Rosario Angelo Livatino era conocido por ser un juez incorruptible, con una moral que se amparaba en la justicia divina. A través de él, operaba la moral de un ser superior y a un ser superior no se le podía comprar. Pero era la Italia de 1990 y la mafia quería poseerlo todo.
Una guerra de mafias dividía al país europeo. La Cosa Nostra, dirigida por el padrino Giuseppe Di Caro, se enfrentaba a unos grupos emergentes interesados en asumir el poder por la fuerza. Este conflicto dejaba un rastro de crímenes por las calles y era necesario ocultar estas huellas sangrientas.
Intentando que los integrantes de la Cosa Nostra fueran absueltos de los numerosos procesos en los que estaban involucrados, las visitas al despecho de Livatino se volvieron recurrentes. Los mafiosos ignoraban que este hombre de leyes tenía una vocación religiosa que le impedía ceder a sus pedidos. Desconocían que el «Siervo de Dios«, como era conocido entre sus colegas, no era como los otros jueces.
Rosario militó de joven en Acción Católica, desarrollando unas convicciones que lo volvían insobornable por la idea de que Dios lo estaba viendo todo. Con facilidad, se envolvía en apasionadas conversaciones sobre lo judicial y lo pastoral, las dos columnas de su vida. Si no estaba en el juzgado, estaba en la iglesia liderando encuentros.

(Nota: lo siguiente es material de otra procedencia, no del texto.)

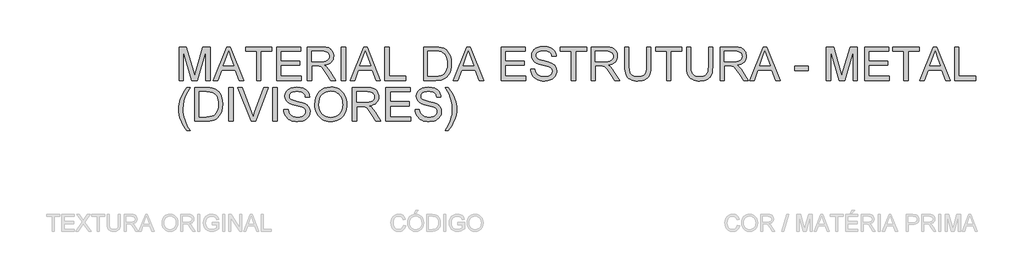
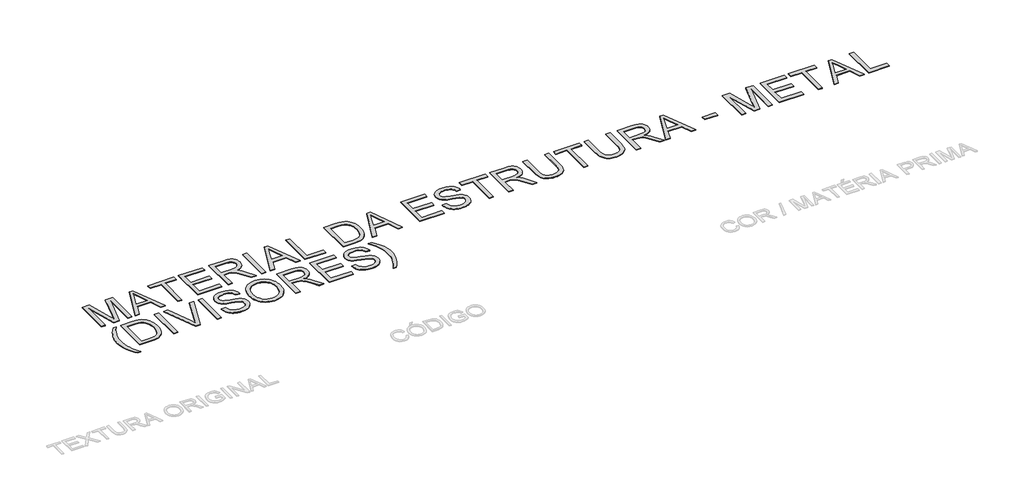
# One storey, part 57 of 67: 1 proxy.
"""IFC4 building model written with IfcOpenShell, lengths in millimetres."""

from ifc_helpers import new_model, si_unit, origin, origin_with_axes, place, context, project, spatial, polyline, outline, extrude, element, save

model = new_model("IFC4")

# Units and contexts
model_context = context("Model", 3, world=origin())
ifc_project = project(units=[si_unit("LENGTHUNIT", "METRE", prefix="MILLI")], contexts=[model_context])

# Site, building, storey
site = spatial("IfcSite", under=ifc_project)
building = spatial("IfcBuilding", under=site)
storey = spatial("IfcBuildingStorey", under=building, Name="Marelli - Linha COLAB - Planta Baixa", Elevation=0.0)

# Proxy
placement = place(None, origin())
element("IfcBuildingElementProxy", 1, Name="600mm Arial", ObjectType="600mm Arial", at=placement, inside=storey, context=model_context, shape_type="SweptSolid", body=[
    extrude(outline(polyline([(21263.2366746, -21064.6418665), (21263.2366746, -20461.9040056), (21392.8782897, -20461.9040056), (21516.1923345, -20886.7341337), (21541.0611573, -20975.4672709), (21567.9901194, -20879.3764938), (21689.244025, -20461.9040056), (21818.8856401, -20461.9040056), (21818.8856401, -21064.6418665), (21743.5434075, -21064.6418665), (21743.5434075, -20537.2462382), (21592.1231783, -21064.6418665), (21489.9991364, -21064.6418665), (21338.5789072, -20537.2462382), (21338.5789072, -21064.6418665), (21263.2366746, -21064.6418665)])), origin_with_axes(), (0.0, 0.0, 1.0), 10.0),
    extrude(outline(polyline([(21880.5426625, -21064.6418665), (22121.1374873, -20461.9040056), (22185.2961073, -20461.9040056), (22425.8909321, -21064.6418665), (22346.2812684, -21064.6418665), (22277.2666061, -20876.286285), (22029.0198358, -20876.286285), (21960.1523263, -21064.6418665), (21880.5426625, -21064.6418665)]), holes=[polyline([(22056.6845618, -20800.9440524), (22249.7490329, -20800.9440524), (22195.4496504, -20652.7611847), (22153.2167973, -20537.2462382), (22115.6928338, -20639.8117385), (22056.6845618, -20800.9440524)])]), origin_with_axes(), (0.0, 0.0, 1.0), 10.0),
    extrude(outline(polyline([(22657.0679779, -21064.6418665), (22657.0679779, -20537.2462382), (22459.2946173, -20537.2462382), (22459.2946173, -20461.9040056), (22930.1835711, -20461.9040056), (22930.1835711, -20537.2462382), (22732.4102105, -20537.2462382), (22732.4102105, -21064.6418665), (22657.0679779, -21064.6418665)])), origin_with_axes(), (0.0, 0.0, 1.0), 10.0),
    extrude(outline(polyline([(23014.9435828, -21064.6418665), (23014.9435828, -20461.9040056), (23448.1614203, -20461.9040056), (23448.1614203, -20537.2462382), (23090.2858154, -20537.2462382), (23090.2858154, -20716.1840407), (23429.3258622, -20716.1840407), (23429.3258622, -20791.5262733), (23090.2858154, -20791.5262733), (23090.2858154, -20989.2996339), (23457.5791994, -20989.2996339), (23457.5791994, -21064.6418665), (23014.9435828, -21064.6418665)])), origin_with_axes(), (0.0, 0.0, 1.0), 10.0),
    extrude(outline(polyline([(23570.5925483, -21064.6418665), (23570.5925483, -20461.9040056), (23830.3172369, -20461.9040056), (23900.1228455, -20465.9691017), (23950.908955, -20478.1643898), (23970.5078682, -20487.8580804), (23988.0282483, -20500.6787679), (24003.470095, -20516.6264524), (24016.8334085, -20535.7011339), (24027.6169495, -20556.8773412), (24035.3194787, -20579.1296034), (24039.9409963, -20602.4579204), (24041.4815022, -20626.8622923), (24038.9293208, -20657.8195622), (24031.2727768, -20686.2384463), (24018.5118701, -20712.1189447), (24000.6466007, -20735.4610572), (23977.4470424, -20755.519823), (23948.6832689, -20771.550281), (23914.3552802, -20783.5524311), (23874.4630764, -20791.5262733), (23899.295111, -20807.7498693), (23917.2845406, -20823.7527361), (23948.14984, -20860.3569946), (23978.3529518, -20901.3022607), (24078.8583129, -21064.6418665), (23991.302398, -21064.6418665), (23912.8699567, -20939.709141), (23856.2161294, -20857.0092685), (23835.1548852, -20832.8946037), (23816.4112975, -20817.9402006), (23780.5795912, -20803.5928028), (23736.8752102, -20800.9440524), (23645.934781, -20800.9440524), (23645.934781, -21064.6418665), (23570.5925483, -21064.6418665)]), holes=[polyline([(23645.934781, -20725.6018198), (23814.5718875, -20725.6018198), (23863.0035522, -20722.9346753), (23900.582698, -20714.9332419), (23928.8728234, -20701.0640907), (23949.437427, -20680.7937928), (23961.9638089, -20656.2744578), (23966.1392696, -20629.6581954), (23964.1481083, -20610.3903759), (23958.1746244, -20592.9067841), (23948.2188179, -20577.20742), (23934.2806888, -20563.2922835), (23916.0383403, -20551.8971387), (23893.1698758, -20543.7577496), (23865.6752952, -20538.8741161), (23833.5545985, -20537.2462382), (23645.934781, -20537.2462382), (23645.934781, -20725.6018198)])]), origin_with_axes(), (0.0, 0.0, 1.0), 10.0),
    extrude(outline(polyline([(24182.7481883, -21064.6418665), (24182.7481883, -20461.9040056), (24258.0904209, -20461.9040056), (24258.0904209, -21064.6418665), (24182.7481883, -21064.6418665)])), origin_with_axes(), (0.0, 0.0, 1.0), 10.0),
    extrude(outline(polyline([(24338.5830015, -21064.6418665), (24579.1778263, -20461.9040056), (24643.3364463, -20461.9040056), (24883.9312711, -21064.6418665), (24804.3216074, -21064.6418665), (24735.3069451, -20876.286285), (24487.0601747, -20876.286285), (24418.1926652, -21064.6418665), (24338.5830015, -21064.6418665)]), holes=[polyline([(24514.7249008, -20800.9440524), (24707.7893718, -20800.9440524), (24653.4899893, -20652.7611847), (24611.2571363, -20537.2462382), (24573.7331728, -20639.8117385), (24514.7249008, -20800.9440524)])]), origin_with_axes(), (0.0, 0.0, 1.0), 10.0),
    extrude(outline(polyline([(24964.4238517, -21064.6418665), (24964.4238517, -20461.9040056), (25039.7660843, -20461.9040056), (25039.7660843, -20989.2996339), (25341.1350147, -20989.2996339), (25341.1350147, -21064.6418665), (24964.4238517, -21064.6418665)])), origin_with_axes(), (0.0, 0.0, 1.0), 10.0),
    extrude(outline(polyline([(25661.3395033, -21064.6418665), (25661.3395033, -20461.9040056), (25869.266407, -20461.9040056), (25931.401676, -20464.0745094), (25976.8351024, -20470.5860207), (26024.880491, -20487.3246515), (26065.4210868, -20513.7017906), (26087.760721, -20535.2596755), (26107.1021169, -20559.6134636), (26123.4452745, -20586.7631548), (26136.7901939, -20616.7087492), (26147.1552691, -20649.1743353), (26154.5588943, -20683.8840015), (26160.4817944, -20760.0355745), (26156.4718806, -20824.7276234), (26144.4421394, -20881.6573621), (26126.121616, -20930.125815), (26103.2393559, -20969.4340062), (26076.8990051, -21000.4648525), (26048.2042095, -21024.1012707), (26015.2603768, -21041.6308477), (25976.1729148, -21054.3411707), (25930.8682471, -21062.0666926), (25879.2727973, -21064.6418665), (25661.3395033, -21064.6418665)]), holes=[polyline([(25736.6817359, -20989.2996339), (25870.002171, -20989.2996339), (25925.1476821, -20986.5773072), (25966.9758649, -20978.4103269), (25998.5401401, -20965.2769396), (26022.8939282, -20947.6553921), (26049.0687321, -20915.0426532), (26068.7320248, -20872.8281942), (26081.0376775, -20820.8280742), (26085.1395618, -20758.8583521), (26083.1300064, -20715.1171829), (26077.1013402, -20676.7470908), (26067.0535632, -20643.7480759), (26052.9866754, -20616.120138), (26036.041111, -20593.2378779), (26017.3573042, -20574.4758962), (25996.9352549, -20559.8341928), (25974.7749632, -20549.3127677), (25931.4384642, -20540.2628706), (25867.9420318, -20537.2462382), (25736.6817359, -20537.2462382), (25736.6817359, -20989.2996339)])]), origin_with_axes(), (0.0, 0.0, 1.0), 10.0),
    extrude(outline(polyline([(26193.8854795, -21064.6418665), (26434.4803044, -20461.9040056), (26498.6389244, -20461.9040056), (26739.2337492, -21064.6418665), (26659.6240854, -21064.6418665), (26590.6094231, -20876.286285), (26342.3626528, -20876.286285), (26273.4951433, -21064.6418665), (26193.8854795, -21064.6418665)]), holes=[polyline([(26370.0273788, -20800.9440524), (26563.0918499, -20800.9440524), (26508.7924674, -20652.7611847), (26466.5596144, -20537.2462382), (26429.0356509, -20639.8117385), (26370.0273788, -20800.9440524)])]), origin_with_axes(), (0.0, 0.0, 1.0), 10.0),
    extrude(outline(polyline([(27055.1708067, -21064.6418665), (27055.1708067, -20461.9040056), (27488.3886442, -20461.9040056), (27488.3886442, -20537.2462382), (27130.5130393, -20537.2462382), (27130.5130393, -20716.1840407), (27469.553086, -20716.1840407), (27469.553086, -20791.5262733), (27130.5130393, -20791.5262733), (27130.5130393, -20989.2996339), (27497.8064233, -20989.2996339), (27497.8064233, -21064.6418665), (27055.1708067, -21064.6418665)])), origin_with_axes(), (0.0, 0.0, 1.0), 10.0),
    extrude(outline(polyline([(27582.5664349, -20857.4507268), (27657.9086676, -20857.4507268), (27666.5538944, -20899.2605156), (27682.1888792, -20932.8665359), (27706.5794555, -20959.5379805), (27741.4914569, -20980.5440424), (27784.1657683, -20994.1740704), (27831.8432749, -20998.717413), (27873.8186105, -20995.2777163), (27910.5700218, -20984.9586264), (27940.3500693, -20968.6246658), (27961.4113136, -20947.1403573), (27973.9376955, -20922.4738695), (27978.1131562, -20896.5933711), (27974.9861592, -20871.3750604), (27965.6051683, -20849.5780522), (27946.548881, -20830.9816173), (27914.3959946, -20815.3650266), (27804.6935836, -20786.5966546), (27732.6806831, -20767.5587613), (27686.6034632, -20749.4405731), (27649.0978938, -20724.0935036), (27622.5184196, -20693.375357), (27606.6810997, -20657.9483209), (27601.4019931, -20618.4745828), (27603.0344694, -20596.0383796), (27607.9318985, -20574.3471375), (27616.0942803, -20553.4008564), (27627.5216147, -20533.1995363), (27642.0851432, -20514.5663132), (27659.656107, -20498.3243232), (27680.2345061, -20484.473566), (27703.8203405, -20473.0140419), (27756.8321361, -20457.6181804), (27815.5093143, -20452.4862266), (27879.0793231, -20457.8573037), (27934.7030807, -20473.9705351), (27959.0384747, -20485.9726852), (27980.3940245, -20500.4948269), (27998.7697302, -20517.5369604), (28014.1655917, -20537.0990854), (28026.4620474, -20558.6109851), (28035.5395356, -20581.5024423), (28041.3980564, -20605.7734569), (28044.0376097, -20631.424029), (27968.6953771, -20631.424029), (27963.6553937, -20607.3829406), (27954.8630141, -20586.4688492), (27942.318238, -20568.6817547), (27926.0210656, -20554.0216572), (27905.6679943, -20542.5621331), (27880.9555212, -20534.3767587), (27851.8836466, -20529.465534), (27818.4523702, -20527.8284592), (27783.9542361, -20529.4471399), (27754.4776913, -20534.3031823), (27730.0227357, -20542.3965862), (27710.5893693, -20553.7273516), (27695.782119, -20567.3481825), (27685.2055116, -20582.3117827), (27678.8595472, -20598.6181521), (27676.7442257, -20616.2672908), (27678.2433448, -20631.4516202), (27682.7407022, -20645.2196038), (27690.2362979, -20657.5712418), (27700.7301318, -20668.5065341), (27717.2480334, -20678.8624123), (27743.2572904, -20689.3286551), (27823.749871, -20710.5922344), (27906.8176255, -20730.7889559), (27957.070306, -20748.4105035), (28000.020529, -20775.7441357), (28016.6258025, -20791.8113819), (28029.9845175, -20809.4789147), (28040.2530237, -20828.6547637), (28047.5876709, -20849.2469584), (28053.4553888, -20894.6803848), (28051.7677301, -20918.2478251), (28046.7047542, -20941.1254867), (28038.2664609, -20963.3133695), (28026.4528503, -20984.8114736), (28011.4708561, -21004.7874659), (27993.5274118, -21022.4090135), (27972.6225174, -21037.6761163), (27948.7561729, -21050.5887743), (27922.6227557, -21060.8572805), (27894.9166429, -21068.1919278), (27834.7863308, -21074.0596456), (27796.2460933, -21072.477753), (27760.9708085, -21067.7320753), (27728.9604764, -21059.8226124), (27700.215097, -21048.7493643), (27674.5599264, -21034.493937), (27651.8202205, -21017.0379364), (27631.9959795, -20996.3813623), (27615.0872033, -20972.5242149), (27601.4663724, -20946.2390464), (27591.5059674, -20918.2984089), (27585.2059883, -20888.7023023), (27582.5664349, -20857.4507268)])), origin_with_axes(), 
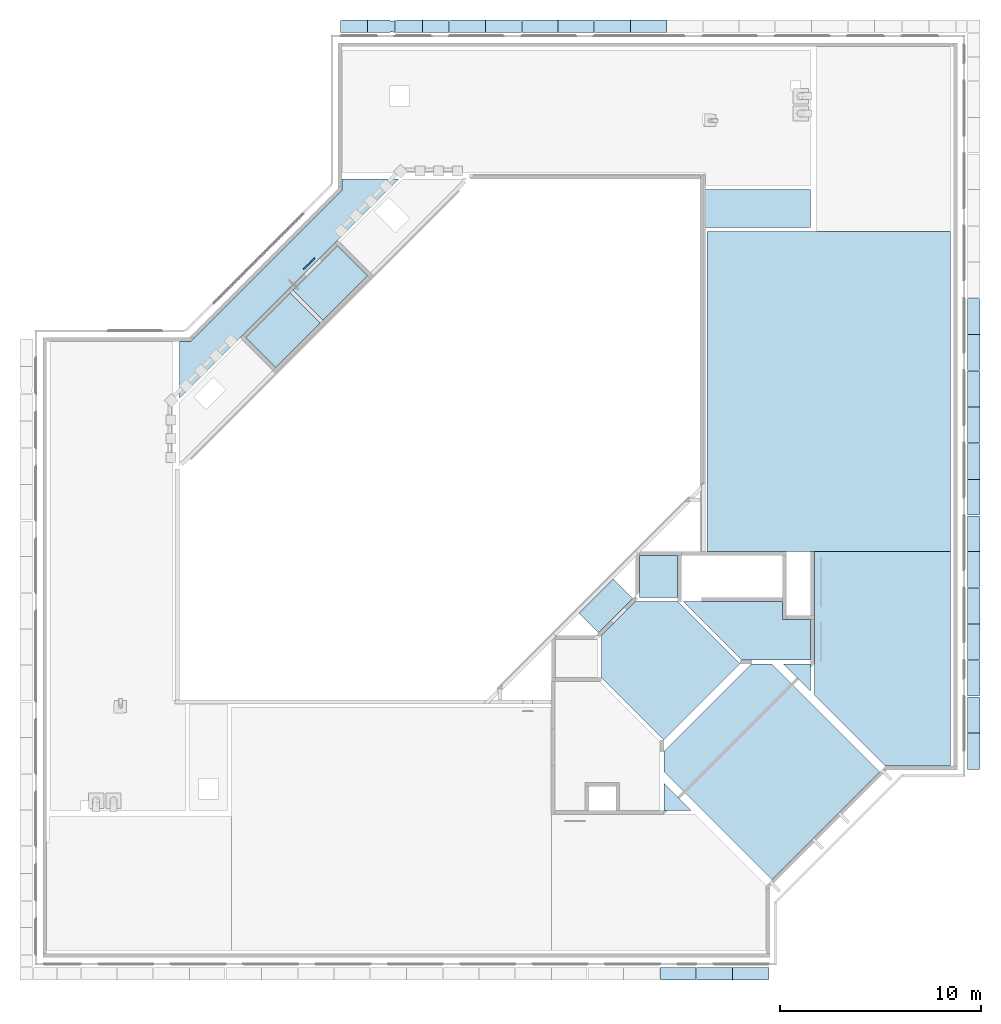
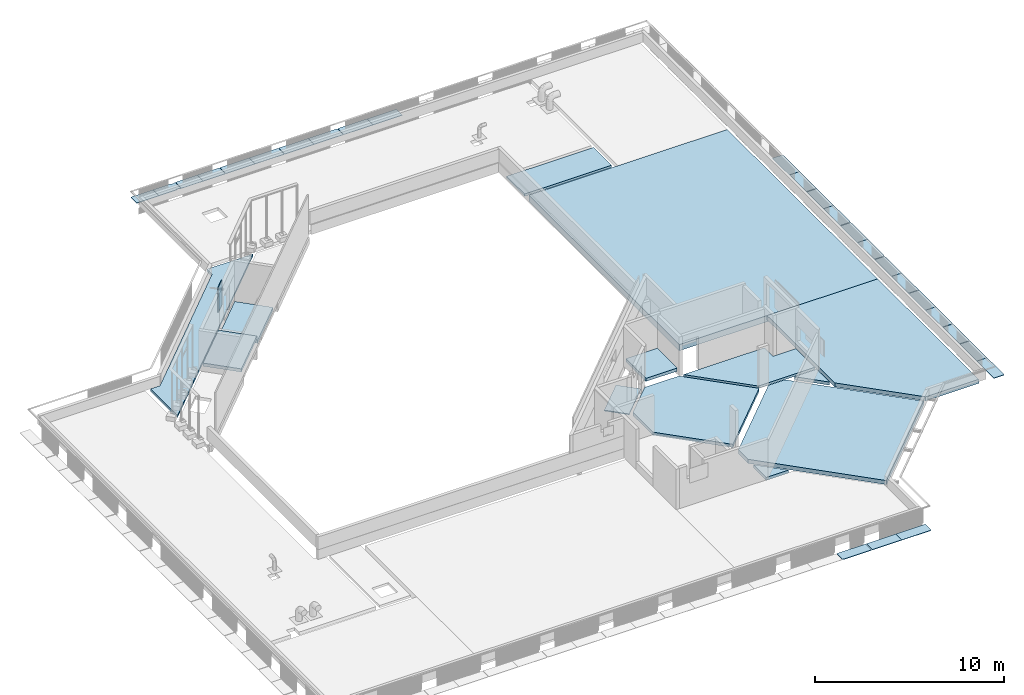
# One storey, part 6 of 37: 39 slabs, 1 plate.
"""IFC4X3_ADD2 building model written with IfcOpenShell, lengths in millimetres."""

from ifc_helpers import new_model, si_unit, direction, frame, frame_2d, origin_with_axes, origin_2d_with_axis, place, context, subcontext, project, spatial, polyline, rectangle, outline, extrude, source, transform, mapped, material, type_object, element, save


model = new_model("IFC4X3_ADD2")

# Units and contexts
model_context = context("Model", 3, precision=1e-05, world=origin_with_axes(), true_north=direction((0.0, 1.0)))
body_context = subcontext(model_context, "Body", "Model", "MODEL_VIEW")
ifc_project = project(units=[si_unit("LENGTHUNIT", "METRE", prefix="MILLI"), si_unit("AREAUNIT", "SQUARE_METRE"), si_unit("VOLUMEUNIT", "CUBIC_METRE"), si_unit("PLANEANGLEUNIT", "RADIAN"), si_unit("TIMEUNIT", "SECOND"), si_unit("MASSUNIT", "GRAM")], contexts=[model_context])

# Site, building, storey
site_placement = place(None, origin_with_axes())
site = spatial("IfcSite", under=ifc_project, at=site_placement, Name="Site", CompositionType="ELEMENT")
building_placement = place(site_placement, origin_with_axes())
building = spatial("IfcBuilding", under=site, at=building_placement, Name="IFC Building Story")
storey_placement = place(building_placement, frame((0.0, 0.0, 14400.0), z_axis=(0.0, 0.0, 1.0), x_axis=(1.0, 0.0, 0.0)))
storey = spatial("IfcBuildingStorey", under=building, at=storey_placement, Name="040", Elevation=14400.0)

# Slabs
ifc_material_1 = material(Name="BB_Beton_Bestaand")
slab_type_1 = type_object("IfcSlabType", Name="BB_Beton_Bestaand 200", PredefinedType="FLOOR", material=ifc_material_1)
slab_1_placement = place(storey_placement, frame((-33073.67225995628, 32939.32197153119, 0.0), z_axis=(0.0, 0.0, 1.0), x_axis=(-0.7071067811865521, -0.707106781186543, 0.0)))
element("IfcSlab", 1, at=slab_1_placement, inside=storey, type_object=slab_type_1, Name="Floor:BB_XX_Vloer uit beton, 200 mm", ObjectType="Floor:BB_XX_Vloer uit beton, 200 mm", PredefinedType="FLOOR", context=body_context, shape_type="SweptSolid", body=[
    extrude(rectangle(XDim=3140.000000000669, YDim=2099.999999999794, at=frame_2d((0.0, 0.0), x_axis=(-1.0, 0.0))), frame((1570.000000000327, 1049.999999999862, 0.0), z_axis=(0.0, 0.0, 1.0), x_axis=(1.0, 0.0, 0.0)), (0.0, 0.0, 1.0), 200.0),
])
slab_2_placement = place(storey_placement, frame((-8567.695526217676, 14499.99999999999, -400.0), z_axis=(0.0, 0.0, 1.0), x_axis=(0.7071067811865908, -0.7071067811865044, 0.0)))
element("IfcSlab", 2, at=slab_2_placement, inside=storey, type_object=slab_type_1, Name="Floor:BB_XX_Vloer uit beton, 200 mm", ObjectType="Floor:BB_XX_Vloer uit beton, 200 mm", PredefinedType="FLOOR", context=body_context, shape_type="SweptSolid", body=[
    extrude(outline(polyline([(967.10678118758, -322.3689270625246), (-967.10678118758, -322.3689270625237), (0.0, 644.7378541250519), (967.10678118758, -322.3689270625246)])), frame((967.10678118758, 322.3689270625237, 0.0), z_axis=(0.0, 0.0, 1.0), x_axis=(1.0, 0.0, 0.0)), (0.0, 0.0, 1.0), 200.0),
])
slab_3_placement = place(storey_placement, frame((-18649.99999999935, 14864.99999999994, -400.0), z_axis=(0.0, 0.0, 1.0), x_axis=(0.7071067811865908, -0.7071067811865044, 0.0)))
element("IfcSlab", 3, at=slab_3_placement, inside=storey, type_object=slab_type_1, Name="Floor:BB_XX_Vloer welfsels, 200 mm", ObjectType="Floor:BB_XX_Vloer welfsels, 200 mm", PredefinedType="FLOOR", context=body_context, shape_type="SweptSolid", body=[
    extrude(outline(polyline([(3417.682775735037, 2676.399166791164), (3417.682775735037, -2676.399166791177), (-966.3792676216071, -2676.399166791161), (-2451.303508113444, -1191.474926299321), (-2451.303508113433, 1191.474926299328), (-966.379267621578, 2676.399166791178), (3417.682775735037, 2676.399166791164)])), frame((2451.303508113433, 2676.399166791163, 1.818989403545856e-12), z_axis=(0.0, 0.0, 1.0), x_axis=(1.0, 0.0, 0.0)), (0.0, 0.0, 1.0), 200.0),
])
slab_4_placement = place(storey_placement, frame((-15725.0, 19899.99999999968, 0.0), z_axis=(0.0, 0.0, 1.0), x_axis=(0.0, -1.0, 0.0)))
element("IfcSlab", 4, at=slab_4_placement, inside=storey, type_object=slab_type_1, Name="Floor:BB_XX_Vloer uit beton, 200 mm", ObjectType="Floor:BB_XX_Vloer uit beton, 200 mm", PredefinedType="FLOOR", context=body_context, shape_type="SweptSolid", body=[
    extrude(rectangle(XDim=2109.999999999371, YDim=1910.000000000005, at=frame_2d((0.0, 0.0), x_axis=(-1.0, 0.0))), frame((1054.999999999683, 955.0000000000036, 0.0), z_axis=(0.0, 0.0, 1.0), x_axis=(1.0, 0.0, 0.0)), (0.0, 0.0, 1.0), 200.0),
])
slab_5_placement = place(storey_placement, frame((-30719.00667860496, 35293.98755288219, -400.0), z_axis=(0.0, 0.0, 1.0), x_axis=(-0.7071067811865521, -0.707106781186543, 0.0)))
element("IfcSlab", 5, at=slab_5_placement, inside=storey, type_object=slab_type_1, Name="Floor:BB_XX_Vloer uit beton, 200 mm", ObjectType="Floor:BB_XX_Vloer uit beton, 200 mm", PredefinedType="FLOOR", context=body_context, shape_type="SweptSolid", body=[
    extrude(rectangle(XDim=3139.999999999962, YDim=2099.99999999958, at=frame_2d((0.0, 0.0), x_axis=(-1.0, 0.0))), frame((1569.999999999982, 1049.999999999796, 0.0), z_axis=(0.0, 0.0, 1.0), x_axis=(1.0, 0.0, 0.0)), (0.0, 0.0, 1.0), 200.0),
])
slab_6_placement = place(storey_placement, frame((-15182.69111140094, 7882.691111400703, -400.0), z_axis=(0.0, 0.0, 1.0), x_axis=(0.7071067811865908, -0.7071067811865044, 0.0)))
element("IfcSlab", 6, at=slab_6_placement, inside=storey, type_object=slab_type_1, Name="Floor:BB_XX_Vloer uit beton, 200 mm", ObjectType="Floor:BB_XX_Vloer uit beton, 200 mm", PredefinedType="FLOOR", context=body_context, shape_type="SweptSolid", body=[
    extrude(outline(polyline([(-965.4710286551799, 321.8236762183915), (965.4710286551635, 321.8236762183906), (2.000888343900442e-11, -643.6473524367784), (-965.4710286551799, 321.8236762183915)])), frame((965.4710286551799, 643.6473524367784, 0.0), z_axis=(0.0, 0.0, 1.0), x_axis=(1.0, 0.0, 0.0)), (0.0, 0.0, 1.0), 200.0),
])
slab_type_2 = type_object("IfcSlabType", Name="BB_Beton_Bestaand 400", PredefinedType="FLOOR", material=ifc_material_1)
slab_7_placement = place(storey_placement, frame((-12355.00406588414, 36000.0000000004, -600.0), z_axis=(0.0, 0.0, 1.0), x_axis=(0.0, -1.0, 0.0)))
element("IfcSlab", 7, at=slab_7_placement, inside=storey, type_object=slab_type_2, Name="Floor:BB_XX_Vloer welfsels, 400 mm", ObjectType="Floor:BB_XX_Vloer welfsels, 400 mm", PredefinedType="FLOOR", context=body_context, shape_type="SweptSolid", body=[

Este perfil preocupaba a los líderes criminales, sobre todo a Giuseppe Di Caro, quien descubrió que el juez vivía en el mismo edificio que él. Sorprendido por esta milagrosa casualidad y harto del personaje al que él definía despectivamente como un «santurrón», dio una orden en alianza con sus enemigos. «Acaben con Rosario Livatino«.
El 21 de setiembre de 1990, Livatino fue emboscado cuando se dirigía al juzgado. Cuatro pistoleros lo intervinieron en la carretera estatal 640, con una lluvia de balas que acabó con una vida dedicada a la fe y a las leyes.
Este asesinato conmocionó al país, generando una respuesta desde varios ángulos. La más importante es que generó la suficiente atención mediática en el caso que el trabajaba en ese momento y que concluyó dos años después, revelando una red de corrupción conformada por políticos, empresarios y jefes criminales.
La iglesia definió este asesinato como “in odium fidei”, un crimen contra la fe del juez. Los rumores de beatificación comenzaron tres años después, gracias a una campaña iniciada por el arzobispo de Agrigento, un compañero de la comunidad a la que perteneció este juez.
En 1993, Juan Pablo II se refirió a él como «mártir de la justicia e indirectamente de la fe”. El año pasado, el papa Francisco lo describió como «un ejemplo no sólo para los magistrados, sino para todos los que trabajan en el campo del derecho: por la coherencia entre su fe y su compromiso con el trabajo, y por la actualidad de sus reflexiones”.
Pero apenas hoy se han hecho públicos los decretos, firmados por el Papa argentino, que autorizan la beatificación del italiano y de otros siete mártires de la fe.
La iglesia reconoce la capacidad del juez para condenar sin perder la sensibilidad para comprender. Destacan, sobre toda su trayectoria legal, la habilidad de darle alma a la ley. Un virtud que esperan sea compartida por más profesionales de esta carrera.